INSTRUCTIONS FOR THE TASK →
Retype, word for word, every line from the one holding "#154=LINE('',#3598,#247);" through the one holding "#267=VECTOR('',#2991,0.3937);" in the entries below, both included, and only those lines.

(Records from a data collection)

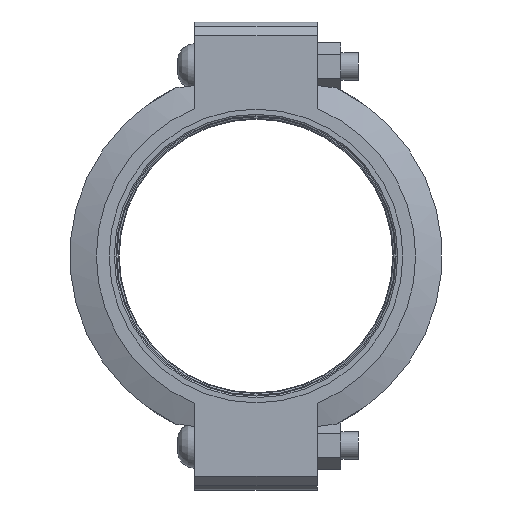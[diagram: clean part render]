
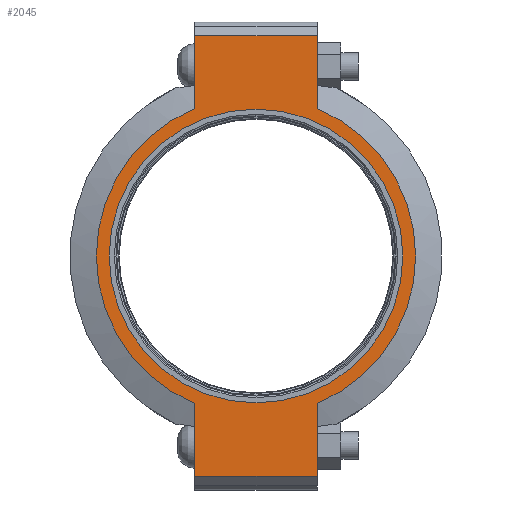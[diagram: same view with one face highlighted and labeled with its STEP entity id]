
A CAD part, left-side view. The second image highlights one B-rep face of the part: STEP entity #2045.
In plain terms, the highlighted planar face has unit normal (-1, 0, 0) as drawn and (0, 0, 1) by its records, which use the part's own axes.
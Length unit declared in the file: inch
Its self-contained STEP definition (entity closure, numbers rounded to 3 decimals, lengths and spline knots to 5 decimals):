
#154=LINE('',#3598,#247);
#165=LINE('',#3649,#258);
#171=LINE('',#3675,#264);
#173=LINE('',#3678,#266);
#174=LINE('',#3683,#267);
#175=LINE('',#3684,#268);
#247=VECTOR('',#2933,0.3937);
#258=VECTOR('',#2964,0.3937);
#264=VECTOR('',#2982,0.3937);
#266=VECTOR('',#2986,0.3937);
#267=VECTOR('',#2991,0.3937);
#268=VECTOR('',#2992,0.3937);
#331=FACE_BOUND('',#584,.T.);
#374=PLANE('',#2391);
#461=FACE_OUTER_BOUND('',#583,.T.);
#583=EDGE_LOOP('',(#1718,#1719,#1720,#1721,#1722,#1723,#1724,#1725));
#584=EDGE_LOOP('',(#1726));
#768=CIRCLE('',#2392,5.845);
#769=CIRCLE('',#2393,5.845);
#770=CIRCLE('',#2394,5.375);
#940=VERTEX_POINT('',#3595);
#941=VERTEX_POINT('',#3597);
#958=VERTEX_POINT('',#3644);
#959=VERTEX_POINT('',#3648);
#966=VERTEX_POINT('',#3670);
#967=VERTEX_POINT('',#3674);
#968=VERTEX_POINT('',#3680);
#969=VERTEX_POINT('',#3682);
#970=VERTEX_POINT('',#3686);
#1195=EDGE_CURVE('',#941,#940,#154,.T.);
#1216=EDGE_CURVE('',#959,#958,#165,.T.);
#1227=EDGE_CURVE('',#967,#966,#171,.T.);
#1229=EDGE_CURVE('',#967,#940,#173,.T.);
#1230=EDGE_CURVE('',#966,#968,#768,.T.);
#1231=EDGE_CURVE('',#968,#969,#174,.T.);
#1232=EDGE_CURVE('',#959,#969,#175,.T.);
#1233=EDGE_CURVE('',#958,#941,#769,.T.);
#1234=EDGE_CURVE('',#970,#970,#770,.T.);
#1718=ORIENTED_EDGE('',*,*,#1229,.F.);
#1719=ORIENTED_EDGE('',*,*,#1227,.T.);
#1720=ORIENTED_EDGE('',*,*,#1230,.T.);
#1721=ORIENTED_EDGE('',*,*,#1231,.T.);
#1722=ORIENTED_EDGE('',*,*,#1232,.F.);
#1723=ORIENTED_EDGE('',*,*,#1216,.T.);
#1724=ORIENTED_EDGE('',*,*,#1233,.T.);
#1725=ORIENTED_EDGE('',*,*,#1195,.T.);
#1726=ORIENTED_EDGE('',*,*,#1234,.T.);
#2045=ADVANCED_FACE('',(#461,#331),#374,.T.);
#2391=AXIS2_PLACEMENT_3D('',#3679,#2987,#2988);
#2392=AXIS2_PLACEMENT_3D('',#3681,#2989,#2990);
#2393=AXIS2_PLACEMENT_3D('',#3685,#2993,#2994);
#2394=AXIS2_PLACEMENT_3D('',#3687,#2995,#2996);
#2933=DIRECTION('',(1.,0.,0.));
#2964=DIRECTION('',(1.,0.,0.));
#2982=DIRECTION('',(-1.,0.,0.));
#2986=DIRECTION('',(0.,-1.,0.));
#2987=DIRECTION('center_axis',(0.,0.,1.));
#2988=DIRECTION('ref_axis',(-1.,0.,0.));
#2989=DIRECTION('center_axis',(0.,0.,1.));
#2990=DIRECTION('ref_axis',(1.,0.,0.));
#2991=DIRECTION('',(-1.,0.,0.));
#2992=DIRECTION('',(0.,1.,0.));
#2993=DIRECTION('center_axis',(0.,0.,1.));
#2994=DIRECTION('ref_axis',(1.,0.,0.));
#2995=DIRECTION('center_axis',(0.,0.,-1.));
#2996=DIRECTION('ref_axis',(1.,0.,0.));
#3595=CARTESIAN_POINT('',(8.065,-2.25,1.315));
#3597=CARTESIAN_POINT('',(5.39458,-2.25,1.315));
#3598=CARTESIAN_POINT('',(-8.565,-2.25,1.315));
#3644=CARTESIAN_POINT('',(-5.39458,-2.25,1.315));
#3648=CARTESIAN_POINT('',(-8.065,-2.25,1.315));
#3649=CARTESIAN_POINT('',(-8.565,-2.25,1.315));
#3670=CARTESIAN_POINT('',(5.39458,2.25,1.315));
#3674=CARTESIAN_POINT('',(8.065,2.25,1.315));
#3675=CARTESIAN_POINT('',(8.565,2.25,1.315));
#3678=CARTESIAN_POINT('',(8.065,-1.125,1.315));
#3679=CARTESIAN_POINT('Origin',(0.,0.,
1.315));
#3680=CARTESIAN_POINT('',(-5.39458,2.25,1.315));
#3681=CARTESIAN_POINT('Origin',(0.,0.,1.315));
#3682=CARTESIAN_POINT('',(-8.065,2.25,1.315));
#3683=CARTESIAN_POINT('',(8.565,2.25,1.315));
#3684=CARTESIAN_POINT('',(-8.065,1.125,1.315));
#3685=CARTESIAN_POINT('Origin',(0.,0.,1.315));
#3686=CARTESIAN_POINT('',(-5.375,0.,1.315));
#3687=CARTESIAN_POINT('Origin',(0.,0.,1.315));

PROBLEM SOLUTION →
#154=LINE('',#3598,#247);
#165=LINE('',#3649,#258);
#171=LINE('',#3675,#264);
#173=LINE('',#3678,#266);
#174=LINE('',#3683,#267);
#175=LINE('',#3684,#268);
#247=VECTOR('',#2933,0.3937);
#258=VECTOR('',#2964,0.3937);
#264=VECTOR('',#2982,0.3937);
#266=VECTOR('',#2986,0.3937);
#267=VECTOR('',#2991,0.3937);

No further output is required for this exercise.